Table of Contents:
The investment landscape in Italy
In 2024, the analysis conducted by Pictet Asset Management revealed that 47% of Italian investors focus on bonds, while 22% prefer to invest in real estate. These data highlight a certain caution on the part of investors, who tend to take refuge in assets considered safer, such as government bonds and the real estate market. However, the low propensity to invest in equities, which stands at only 9%, raises questions about the diversification of portfolios and the ability of investors
to face future economic challenges.
The young generation and investments
An interesting aspect that emerged from the research is the behavior of young savers. Although they are the most suitable for investing in stocks for a long-term time horizon, they show limited interest in financial instruments such as Accumulation Plans (PACs) and supplementary pension provision. This paradox could stem from a lack of knowledge and awareness about the investment opportunities available. It is crucial that young people are educated on how to manage their money and how to plan for their financial future
.
Savings objectives and sources of information
The research has also highlighted the motivations behind saving. 41% of the interviewees said they want to improve their financial skills to carry out their life projects, while 25% want to learn how to save.
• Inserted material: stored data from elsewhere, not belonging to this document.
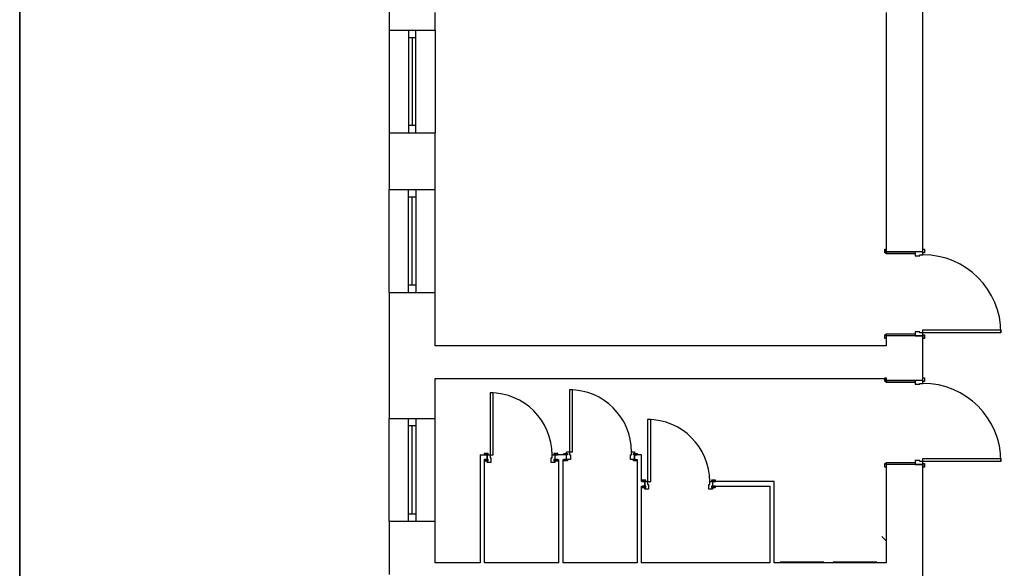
# Model space of a CAD drawing. Header units: millimetres. Extents: x -16803 to -7085, y -9068 to 2537.
# Tile 11 of 33: x -16141 to -14849, y -360 to 360. Entities that reach past the tile are written whole.
import ezdxf

# ---------------------------------------------------------------- set-up
doc = ezdxf.new("R2010")
doc.units = ezdxf.units.MM
doc.header["$MEASUREMENT"] = 0
doc.layers.add('DLX_BLD0_FL1_LUM 1', color=7, linetype='Continuous', true_color=0x002aff)
doc.layers.add('DLX_BLD0_FL1_LUM 6', color=7, linetype='Continuous', true_color=0x002aff)
doc.layers.add('elektryka', color=255, linetype='Continuous', lineweight=35)
doc.layers.add('elektryka2', color=20, linetype='Continuous', lineweight=35)
doc.layers.add('Elementy modelu - Strefy', color=7, linetype='Continuous')
doc.layers.add('Konstrukcja - Ściany zew', color=7, linetype='Continuous')

msp = doc.modelspace()

# ---------------------------------------------------------------- linework, layer by layer
at = {"layer": 'DLX_BLD0_FL1_LUM 1', "lineweight": -3}
for points in [[(-15423.1, -147.8, 0), (-15423.1, -147.8, 0)], [(-15423.1, -147.8, 0), (-15423.1, -147.8, 0)], [(-15415.6, -160.8, 0), (-15415.6, -160.8, 0)], [(-15415.6, -160.8, 0), (-15415.6, -160.8, 0)], [(-15423.1, -173.8, 0), (-15423.1, -173.8, 0)], [(-15423.1, -173.8, 0), (-15423.1, -173.8, 0)], [(-15253.4, -178.3, 0), (-15253.4, -178.3, 0)], [(-15253.4, -178.3, 0), (-15253.4, -178.3, 0)], [(-15238.4, -193.3, 0), (-15238.4, -193.3, 0)], [(-15238.4, -193.3, 0), (-15238.4, -193.3, 0)]]:
    msp.add_polyline3d(points, dxfattribs=at)
at = {"layer": 'DLX_BLD0_FL1_LUM 6', "lineweight": -3}
for points in [[(-15086, -351.6, 0), (-15143.5, -351.6, 0)], [(-15143.5, -351.6, 0), (-15143.5, -351.6, 0)], [(-15143.5, -351.6, 0), (-15086, -351.6, 0)], [(-15143.5, -351.6, 0), (-15143.5, -351.6, 0)], [(-15143.5, -351.6, 0), (-15086, -351.6, 0)], [(-15086, -351.6, 0), (-15143.5, -351.6, 0)], [(-15086, -351.6, 0), (-15086, -351.6, 0)], [(-15086, -351.6, 0), (-15086, -351.6, 0)], [(-15016.7, -351.9, 0), (-15074.2, -351.9, 0)], [(-15074.2, -351.9, 0), (-15074.2, -351.9, 0)], [(-15074.2, -351.9, 0), (-15016.7, -351.9, 0)], [(-15074.2, -351.9, 0), (-15074.2, -351.9, 0)], [(-15074.2, -351.9, 0), (-15016.7, -351.9, 0)], [(-15016.7, -351.9, 0), (-15074.2, -351.9, 0)], [(-15016.8, -351.7, 0), (-15074.1, -351.7, 0)], [(-15074.1, -351.7, 0), (-15016.8, -351.7, 0)], [(-15074.1, -351.7, 0), (-15016.8, -351.7, 0)], [(-15016.8, -351.7, 0), (-15074.1, -351.7, 0)], [(-15016.7, -351.9, 0), (-15016.7, -351.9, 0)], [(-15016.7, -351.9, 0), (-15016.7, -351.9, 0)]]:
    msp.add_polyline3d(points, dxfattribs=at)
at = {"layer": 'elektryka'}
msp.add_lwpolyline([(-10141.1, 2370), (-16141.1, 2370), (-16141.1, -1830), (-10141.1, -1830)], close=True, dxfattribs=at)
at = {"layer": 'elektryka2', "lineweight": -3}
msp.add_line((-15010, -317.8), (-15004.7, -323.1), dxfattribs=at)
at = {"layer": 'Elementy modelu - Strefy', "color": 7, "linetype": 'Continuous', "lineweight": -3}
for p, q in [((-15004.2, 272.8), (-15004.2, 241.3)), ((-15004.2, 241.3), (-15004.2, 213.1))]:
    msp.add_line(p, q, dxfattribs=at)
at = {"layer": 'Konstrukcja - Ściany zew', "color": 7, "linetype": 'Continuous', "lineweight": -3}
for p, q in [((-15656.2, 346), (-15631.2, 346)), ((-15656.2, 346), (-15656.2, 211)), ((-15656.2, 346), (-15631.2, 346)), ((-15631.2, 346), (-15621.2, 346)), ((-15631.2, 346), (-15631.2, 336)), ((-15631.2, 346), (-15621.2, 346)), ((-15631.2, 346), (-15621.2, 346)), ((-15631.2, 336), (-15621.2, 336)), ((-15631.2, 336), (-15631.2, 221)), ((-15626.2, 336), (-15626.2, 221)), ((-15621.2, 346), (-15596.2, 346)), ((-15621.2, 336), (-15621.2, 346)), ((-15621.2, 346), (-15596.2, 346)), ((-15621.2, 221), (-15621.2, 336)), ((-15596.2, 346), (-15596.2, 211)), ((-15621.2, 221), (-15631.2, 221)), ((-15631.2, 221), (-15631.2, 211)), ((-15621.2, 211), (-15621.2, 221)), ((-15656.2, 211), (-15631.2, 211)), ((-15656.2, 211), (-15631.2, 211)), ((-15631.2, 211), (-15621.2, 211)), ((-15631.2, 211), (-15621.2, 211)), ((-15631.2, 211), (-15621.2, 211)), ((-15621.2, 211), (-15596.2, 211)), ((-15621.2, 211), (-15596.2, 211)), ((-15656.2, 136.9), (-15631.2, 136.9)), ((-15656.2, 1.9), (-15656.2, 136.9)), ((-15656.2, 136.9), (-15631.2, 136.9)), ((-15631.2, 136.9), (-15621.2, 136.9)), ((-15631.2, 126.9), (-15631.2, 136.9)), ((-15631.2, 136.9), (-15621.2, 136.9)), ((-15631.2, 136.9), (-15621.2, 136.9)), ((-15621.2, 136.9), (-15596.2, 136.9)), ((-15621.2, 136.9), (-15621.2, 126.9)), ((-15621.2, 136.9), (-15596.2, 136.9)), ((-15596.2, 1.9), (-15596.2, 136.9)), ((-15621.2, 126.9), (-15631.2, 126.9)), ((-15631.2, 11.9), (-15631.2, 126.9)), ((-15626.2, 11.9), (-15626.2, 126.9)), ((-15621.2, 126.9), (-15621.2, 11.9)), ((-15006.1, 53.8), (-15006.1, 58.8)), ((-15006.1, 58.8), (-15004.2, 58.8)), ((-15004.2, 53.8), (-15006.1, 53.8)), ((-15004.2, 55.1), (-15004.2, 58.8)), ((-15004.2, 58.8), (-15004.2, 53.8)), ((-15004.2, 55.1), (-15004.2, 58.8)), ((-15004.2, 55.1), (-15004.2, 58.8)), ((-14966.2, 55.1), (-15004.2, 55.1)), ((-15004.2, 52.6), (-15004.2, 55.1)), ((-15004.2, 55.1), (-14966.2, 55.1)), ((-14966.2, 55.1), (-15004.2, 55.1)), ((-14966.2, 55.1), (-15004.2, 55.1)), ((-14966.2, 52.6), (-15004.2, 52.6)), ((-14956.2, 55.1), (-14966.2, 55.1)), ((-14966.2, 55.1), (-14966.2, 52.6)), ((-14956.2, 55.1), (-14966.2, 55.1)), ((-14966.2, 55.1), (-14966.2, 50.1)), ((-14956.2, 55.1), (-14966.2, 55.1)), ((-14956.2, 55.1), (-14966.2, 55.1)), ((-14956.2, 55.1), (-14956.2, 58.8)), ((-14956.2, 53.8), (-14956.2, 58.8)), ((-14956.2, 58.8), (-14954.3, 58.8)), ((-14956.2, 55.1), (-14956.2, 58.8)), ((-14956.2, 55.1), (-14956.2, 58.8)), ((-14956.2, 51.3), (-14956.2, 55.1)), ((-14954.3, 53.8), (-14956.2, 53.8)), ((-14954.3, 58.8), (-14954.3, 53.8)), ((-14966.2, 50.1), (-14960.2, 50.1)), ((-14960.2, 50.1), (-14960.2, 51.3)), ((-14960.2, 51.3), (-14956.2, 51.3)), ((-15656.2, 1.9), (-15631.2, 1.9)), ((-15656.2, 1.9), (-15631.2, 1.9)), ((-15631.2, 1.9), (-15631.2, 11.9)), ((-15631.2, 11.9), (-15621.2, 11.9)), ((-15631.2, 1.9), (-15621.2, 1.9)), ((-15631.2, 1.9), (-15621.2, 1.9)), ((-15631.2, 1.9), (-15621.2, 1.9)), ((-15621.2, 11.9), (-15621.2, 1.9)), ((-15621.2, 1.9), (-15596.2, 1.9)), ((-15621.2, 1.9), (-15596.2, 1.9)), ((-14960.2, -49.9), (-14966.2, -49.9)), ((-14966.2, -49.9), (-14966.2, -54.9)), ((-14960.2, -51.1), (-14960.2, -49.9)), ((-14956.2, -51.1), (-14960.2, -51.1)), ((-14956.2, -51.1), (-14956.2, -47.1)), ((-14956.2, -47.1), (-14853.8, -47.1)), ((-14956.2, -54.9), (-14956.2, -51.1)), ((-14853.8, -51.1), (-14956.2, -51.1)), ((-14853.8, -47.1), (-14853.8, -51.1)), ((-15006.1, -58.6), (-15006.1, -53.6)), ((-15006.1, -53.6), (-15004.2, -53.6)), ((-15004.2, -58.6), (-15006.1, -58.6)), ((-15004.2, -54.9), (-15004.2, -52.4)), ((-15004.2, -52.4), (-14966.2, -52.4)), ((-15004.2, -53.6), (-15004.2, -58.6)), ((-15004.2, -54.9), (-15004.2, -58.6)), ((-14966.2, -54.9), (-15004.2, -54.9)), ((-14966.2, -54.9), (-15004.2, -54.9)), ((-14966.2, -54.9), (-15004.2, -54.9)), ((-14966.2, -54.9), (-15004.2, -54.9)), ((-15004.2, -54.9), (-15004.2, -58.6)), ((-15004.2, -54.9), (-15004.2, -58.6)), ((-14966.2, -52.4), (-14966.2, -54.9)), ((-14956.2, -54.9), (-14966.2, -54.9)), ((-14966.2, -54.9), (-14956.2, -54.9)), ((-14956.2, -54.9), (-14966.2, -54.9)), ((-14956.2, -54.9), (-14966.2, -54.9)), ((-14956.2, -58.6), (-14956.2, -53.6)), ((-14956.2, -53.6), (-14954.3, -53.6)), ((-14956.2, -54.9), (-14956.2, -58.6)), ((-14956.2, -54.9), (-14956.2, -58.6)), ((-14956.2, -54.9), (-14956.2, -58.6)), ((-14954.3, -58.6), (-14956.2, -58.6)), ((-14954.3, -53.6), (-14954.3, -58.6)), ((-15006.1, -114.8), (-15006.1, -109.8)), ((-15006.1, -109.8), (-15004.2, -109.8)), ((-15004.2, -114.8), (-15006.1, -114.8)), ((-15004.2, -113.5), (-15004.2, -109.8)), ((-15004.2, -109.8), (-15004.2, -114.8)), ((-15004.2, -113.5), (-15004.2, -109.8)), ((-15004.2, -113.5), (-15004.2, -109.8)), ((-14966.2, -113.5), (-15004.2, -113.5)), ((-15004.2, -116), (-15004.2, -113.5)), ((-15004.2, -113.5), (-14966.2, -113.5)), ((-14966.2, -113.5), (-15004.2, -113.5)), ((-14966.2, -113.5), (-15004.2, -113.5)), ((-14966.2, -116), (-15004.2, -116)), ((-14956.2, -113.5), (-14966.2, -113.5)), ((-14966.2, -113.5), (-14966.2, -116)), ((-14956.2, -113.5), (-14966.2, -113.5)), ((-14966.2, -113.5), (-14966.2, -118.5)), ((-14956.2, -113.5), (-14966.2, -113.5)), ((-14956.2, -113.5), (-14966.2, -113.5)), ((-14956.2, -113.5), (-14956.2, -109.8)), ((-14956.2, -114.8), (-14956.2, -109.8)), ((-14956.2, -109.8), (-14954.3, -109.8)), ((-14956.2, -113.5), (-14956.2, -109.8)), ((-14956.2, -113.5), (-14956.2, -109.8)), ((-14956.2, -117.3), (-14956.2, -113.5)), ((-14954.3, -114.8), (-14956.2, -114.8)), ((-14954.3, -109.8), (-14954.3, -114.8)), ((-15419.9, -125.6), (-15419.9, -207)), ((-15415.9, -125.6), (-15419.9, -125.6)), ((-15415.9, -207), (-15415.9, -125.6)), ((-14966.2, -118.5), (-14960.2, -118.5)), ((-14960.2, -118.5), (-14960.2, -117.3)), ((-14960.2, -117.3), (-14956.2, -117.3)), ((-15524.1, -129.6), (-15524.1, -211)), ((-15520.1, -129.6), (-15524.1, -129.6)), ((-15520.1, -211), (-15520.1, -129.6)), ((-15656.2, -163.1), (-15631.2, -163.1)), ((-15656.2, -298.1), (-15656.2, -163.1)), ((-15656.2, -163.1), (-15631.2, -163.1)), ((-15631.2, -163.1), (-15621.2, -163.1)), ((-15631.2, -173.1), (-15631.2, -163.1)), ((-15631.2, -163.1), (-15621.2, -163.1)), ((-15631.2, -163.1), (-15621.2, -163.1)), ((-15621.2, -163.1), (-15596.2, -163.1)), ((-15621.2, -163.1), (-15621.2, -173.1)), ((-15621.2, -163.1), (-15596.2, -163.1)), ((-15596.2, -298.1), (-15596.2, -163.1)), ((-15317.3, -164.6), (-15317.3, -246)), ((-15313.3, -164.6), (-15317.3, -164.6)), ((-15313.3, -246), (-15313.3, -164.6)), ((-15621.2, -173.1), (-15631.2, -173.1)), ((-15631.2, -288.1), (-15631.2, -173.1)), ((-15626.2, -288.1), (-15626.2, -173.1)), ((-15621.2, -173.1), (-15621.2, -288.1)), ((-15526.6, -209.1), (-15531.6, -209.1)), ((-15531.6, -209.1), (-15531.6, -211)), ((-15527.9, -211), (-15531.6, -211)), ((-15531.6, -211), (-15526.6, -211)), ((-15527.9, -211), (-15531.6, -211)), ((-15527.9, -211), (-15531.6, -211)), ((-15527.9, -217), (-15531.6, -217)), ((-15526.6, -217), (-15531.6, -217)), ((-15531.6, -217), (-15531.6, -218.9)), ((-15527.9, -217), (-15531.6, -217)), ((-15527.9, -217), (-15531.6, -217)), ((-15531.6, -218.9), (-15526.6, -218.9)), ((-15527.9, -211), (-15527.9, -217)), ((-15527.9, -221), (-15527.9, -211)), ((-15527.9, -211), (-15524.1, -211)), ((-15527.9, -211), (-15527.9, -217)), ((-15527.9, -211), (-15527.9, -217)), ((-15526.6, -211), (-15526.6, -209.1)), ((-15526.6, -218.9), (-15526.6, -217)), ((-15524.1, -211), (-15524.1, -215)), ((-15524.1, -211), (-15520.1, -211)), ((-15524.1, -215), (-15522.9, -215)), ((-15522.9, -215), (-15522.9, -221)), ((-15443.9, -221), (-15443.9, -215)), ((-15443.9, -215), (-15442.7, -215)), ((-15442.7, -215), (-15442.7, -211)), ((-15442.7, -211), (-15438.9, -211)), ((-15435.2, -209.1), (-15440.2, -209.1)), ((-15440.2, -209.1), (-15440.2, -211)), ((-15440.2, -211), (-15435.2, -211)), ((-15435.2, -217), (-15440.2, -217)), ((-15440.2, -217), (-15440.2, -218.9)), ((-15440.2, -218.9), (-15435.2, -218.9)), ((-15438.9, -211), (-15435.2, -211)), ((-15438.9, -211), (-15438.9, -217)), ((-15438.9, -211), (-15438.9, -221)), ((-15438.9, -211), (-15438.9, -217)), ((-15438.9, -211), (-15438.9, -217)), ((-15438.9, -211), (-15435.2, -211)), ((-15438.9, -211), (-15435.2, -211)), ((-15438.9, -217), (-15435.2, -217)), ((-15438.9, -217), (-15435.2, -217)), ((-15438.9, -217), (-15435.2, -217)), ((-15435.2, -211), (-15435.2, -209.1)), ((-15435.2, -218.9), (-15435.2, -217)), ((-15427.4, -211), (-15427.4, -209.1)), ((-15427.4, -209.1), (-15422.4, -209.1)), ((-15423.7, -211), (-15427.4, -211)), ((-15422.4, -211), (-15427.4, -211)), ((-15423.7, -211), (-15427.4, -211)), ((-15423.7, -211), (-15427.4, -211)), ((-15423.7, -217), (-15427.4, -217)), ((-15427.4, -218.9), (-15427.4, -217)), ((-15427.4, -217), (-15422.4, -217)), ((-15423.7, -217), (-15427.4, -217)), ((-15423.7, -217), (-15427.4, -217)), ((-15422.4, -218.9), (-15427.4, -218.9)), ((-15423.7, -217), (-15423.7, -207)), ((-15423.7, -207), (-15419.9, -207)), ((-15423.7, -217), (-15423.7, -211)), ((-15423.7, -217), (-15423.7, -211)), ((-15423.7, -217), (-15423.7, -211)), ((-15418.7, -217), (-15423.7, -217)), ((-15422.4, -209.1), (-15422.4, -211)), ((-15422.4, -217), (-15422.4, -218.9)), ((-15419.9, -207), (-15419.9, -211)), ((-15419.9, -207), (-15415.9, -207)), ((-15419.9, -211), (-15418.7, -211)), ((-15418.7, -211), (-15418.7, -217)), ((-15339.7, -217), (-15339.7, -211)), ((-15339.7, -211), (-15338.5, -211)), ((-15334.7, -217), (-15339.7, -217)), ((-15338.5, -211), (-15338.5, -207)), ((-15338.5, -207), (-15334.7, -207)), ((-15336, -209.1), (-15331, -209.1)), ((-15336, -211), (-15336, -209.1)), ((-15331, -211), (-15336, -211)), ((-15336, -217), (-15331, -217)), ((-15336, -218.9), (-15336, -217)), ((-15331, -218.9), (-15336, -218.9)), ((-15334.7, -207), (-15334.7, -217)), ((-15334.7, -211), (-15331, -211)), ((-15334.7, -217), (-15334.7, -211)), ((-15334.7, -217), (-15334.7, -211)), ((-15334.7, -217), (-15334.7, -211)), ((-15334.7, -211), (-15331, -211)), ((-15334.7, -211), (-15331, -211)), ((-15334.7, -217), (-15331, -217)), ((-15334.7, -217), (-15331, -217)), ((-15334.7, -217), (-15331, -217)), ((-15331, -209.1), (-15331, -211)), ((-15331, -217), (-15331, -218.9)), ((-14960.2, -218.5), (-14966.2, -218.5)), ((-14966.2, -218.5), (-14966.2, -223.5)), ((-14960.2, -219.7), (-14960.2, -218.5)), ((-14956.2, -219.7), (-14956.2, -215.7)), ((-14956.2, -215.7), (-14853.8, -215.7)), ((-14853.8, -215.7), (-14853.8, -219.7)), ((-15522.9, -221), (-15527.9, -221)), ((-15438.9, -221), (-15443.9, -221)), ((-15006.1, -227.2), (-15006.1, -222.2)), ((-15006.1, -222.2), (-15004.2, -222.2)), ((-15004.2, -227.2), (-15006.1, -227.2)), ((-15004.2, -223.5), (-15004.2, -221)), ((-15004.2, -221), (-14966.2, -221)), ((-15004.2, -222.2), (-15004.2, -227.2)), ((-15004.2, -223.5), (-15004.2, -227.2)), ((-14966.2, -223.5), (-15004.2, -223.5)), ((-14966.2, -223.5), (-15004.2, -223.5)), ((-14966.2, -223.5), (-15004.2, -223.5)), ((-14966.2, -223.5), (-15004.2, -223.5)), ((-15004.2, -223.5), (-15004.2, -227.2)), ((-15004.2, -223.5), (-15004.2, -227.2)), ((-14966.2, -221), (-14966.2, -223.5)), ((-14956.2, -223.5), (-14966.2, -223.5)), ((-14966.2, -223.5), (-14956.2, -223.5)), ((-14956.2, -223.5), (-14966.2, -223.5)), ((-14956.2, -223.5), (-14966.2, -223.5)), ((-14956.2, -219.7), (-14960.2, -219.7)), ((-14956.2, -223.5), (-14956.2, -219.7)), ((-14853.8, -219.7), (-14956.2, -219.7)), ((-14956.2, -227.2), (-14956.2, -222.2)), ((-14956.2, -222.2), (-14954.3, -222.2)), ((-14956.2, -223.5), (-14956.2, -227.2)), ((-14956.2, -223.5), (-14956.2, -227.2)), ((-14956.2, -223.5), (-14956.2, -227.2)), ((-14954.3, -227.2), (-14956.2, -227.2)), ((-14954.3, -222.2), (-14954.3, -227.2)), ((-15319.8, -244.1), (-15324.8, -244.1)), ((-15324.8, -244.1), (-15324.8, -246)), ((-15319.8, -246), (-15319.8, -244.1)), ((-15228.4, -244.1), (-15233.4, -244.1)), ((-15233.4, -244.1), (-15233.4, -246)), ((-15228.4, -246), (-15228.4, -244.1)), ((-15321.1, -246), (-15324.8, -246)), ((-15324.8, -246), (-15319.8, -246)), ((-15321.1, -246), (-15324.8, -246)), ((-15321.1, -246), (-15324.8, -246)), ((-15321.1, -252), (-15324.8, -252)), ((-15319.8, -252), (-15324.8, -252)), ((-15324.8, -252), (-15324.8, -253.9)), ((-15321.1, -252), (-15324.8, -252)), ((-15321.1, -252), (-15324.8, -252)), ((-15324.8, -253.9), (-15319.8, -253.9)), ((-15321.1, -246), (-15321.1, -252)), ((-15321.1, -256), (-15321.1, -246)), ((-15321.1, -246), (-15317.3, -246)), ((-15321.1, -246), (-15321.1, -252)), ((-15321.1, -246), (-15321.1, -252)), ((-15316.1, -256), (-15321.1, -256)), ((-15319.8, -253.9), (-15319.8, -252)), ((-15317.3, -246), (-15317.3, -250)), ((-15317.3, -246), (-15313.3, -246)), ((-15317.3, -250), (-15316.1, -250)), ((-15316.1, -250), (-15316.1, -256)), ((-15237.1, -256), (-15237.1, -250)), ((-15237.1, -250), (-15235.9, -250)), ((-15232.1, -256), (-15237.1, -256)), ((-15235.9, -250), (-15235.9, -246)), ((-15235.9, -246), (-15232.1, -246)), ((-15233.4, -246), (-15228.4, -246)), ((-15228.4, -252), (-15233.4, -252)), ((-15233.4, -252), (-15233.4, -253.9)), ((-15233.4, -253.9), (-15228.4, -253.9)), ((-15232.1, -246), (-15228.4, -246)), ((-15232.1, -246), (-15232.1, -252)), ((-15232.1, -246), (-15232.1, -256)), ((-15232.1, -246), (-15232.1, -252)), ((-15232.1, -246), (-15232.1, -252)), ((-15232.1, -246), (-15228.4, -246)), ((-15232.1, -246), (-15228.4, -246)), ((-15232.1, -252), (-15228.4, -252)), ((-15232.1, -252), (-15228.4, -252)), ((-15232.1, -252), (-15228.4, -252)), ((-15228.4, -253.9), (-15228.4, -252)), ((-15631.2, -298.1), (-15631.2, -288.1)), ((-15631.2, -288.1), (-15621.2, -288.1)), ((-15621.2, -288.1), (-15621.2, -298.1)), ((-15656.2, -298.1), (-15631.2, -298.1)), ((-15656.2, -298.1), (-15631.2, -298.1)), ((-15631.2, -298.1), (-15621.2, -298.1)), ((-15631.2, -298.1), (-15621.2, -298.1)), ((-15631.2, -298.1), (-15621.2, -298.1)), ((-15621.2, -298.1), (-15596.2, -298.1)), ((-15621.2, -298.1), (-15596.2, -298.1))]:
    msp.add_line(p, q, dxfattribs=at)
for points in [[(-14956.2, 55.1), (-14956.2, 452.1)], [(-15656.2, 416.3), (-15656.2, 346)], [(-15596.2, 346), (-15596.2, 369.1)], [(-15004.2, 369.1), (-15004.2, 55.1)], [(-15656.2, 211), (-15656.2, 136.9)], [(-15596.2, 136.9), (-15596.2, 211)], [(-15656.2, 1.9), (-15656.2, -163.1)], [(-15596.2, -67.9), (-15596.2, 1.9)], [(-15004.2, -54.9), (-15004.2, -67.9)], [(-14956.2, -113.5), (-14956.2, -54.9)], [(-15004.2, -67.9), (-15596.2, -67.9)], [(-15596.2, -163.1), (-15596.2, -110.9)], [(-15596.2, -110.9), (-15004.2, -110.9)], [(-15004.2, -110.9), (-15004.2, -113.5)], [(-15537.2, -211), (-15531.2, -211)], [(-15537.2, -211), (-15537.2, -352.7)], [(-15527.9, -211), (-15531.2, -211)], [(-15531.2, -352.7), (-15531.2, -217)], [(-15531.2, -217), (-15527.9, -217)], [(-15423.7, -211), (-15438.9, -211)], [(-15438.9, -217), (-15434.2, -217)], [(-15434.2, -217), (-15434.2, -352.7)], [(-15428.2, -352.7), (-15428.2, -217)], [(-15428.2, -217), (-15423.7, -217)], [(-15331.2, -211), (-15334.7, -211)], [(-15334.7, -217), (-15331.2, -217)], [(-15325.2, -211), (-15331.2, -211)], [(-15331.2, -217), (-15331.2, -352.7)], [(-15325.2, -246), (-15325.2, -211)], [(-15004.2, -223.5), (-15004.2, -352.7)], [(-14956.2, -370.4), (-14956.2, -223.5)], [(-15321.1, -246), (-15325.2, -246)], [(-15325.2, -352.7), (-15325.2, -252)], [(-15325.2, -252), (-15321.1, -252)], [(-15157.2, -246), (-15232.1, -246)], [(-15232.1, -252), (-15157.2, -252)], [(-15151.2, -246), (-15157.2, -246)], [(-15157.2, -252), (-15157.2, -352.7)], [(-15151.2, -352.7), (-15151.2, -246)], [(-15656.2, -298.1), (-15656.2, -367.7)], [(-15596.2, -352.7), (-15596.2, -298.1)], [(-15537.2, -352.7), (-15596.2, -352.7)], [(-15434.2, -352.7), (-15531.2, -352.7)], [(-15331.2, -352.7), (-15428.2, -352.7)], [(-15157.2, -352.7), (-15325.2, -352.7)], [(-15004.2, -352.7), (-15151.2, -352.7)]]:
    msp.add_lwpolyline(points, dxfattribs=at)
for centre, radius in [((-14956.2, -51.1), 102.4), ((-15419.9, -207), 81.4), ((-14956.2, -219.7), 102.4), ((-15524.1, -211), 81.4), ((-15317.3, -246), 81.4)]:
    msp.add_arc(centre, radius, 0, 90, dxfattribs=at)

doc.saveas('drawing.dxf')

In addition, 60% of respondents emphasized the importance of saving to create a solid financial base and a protective cushion against unforeseen events. In this context, social media are confirmed as a privileged source of information, with Instagram emerging as the preferred channel for young people to seek investment advice
.
The future of financial literacy in Italy
With the increasing complexity of financial markets and economic uncertainties, it is crucial that Italians develop greater financial literacy. Institutions and organizations must work together to provide educational resources and tools that can help citizens make informed decisions about their investments. Only through a better understanding of financial dynamics will it be possible to face future challenges and build a stronger economic future.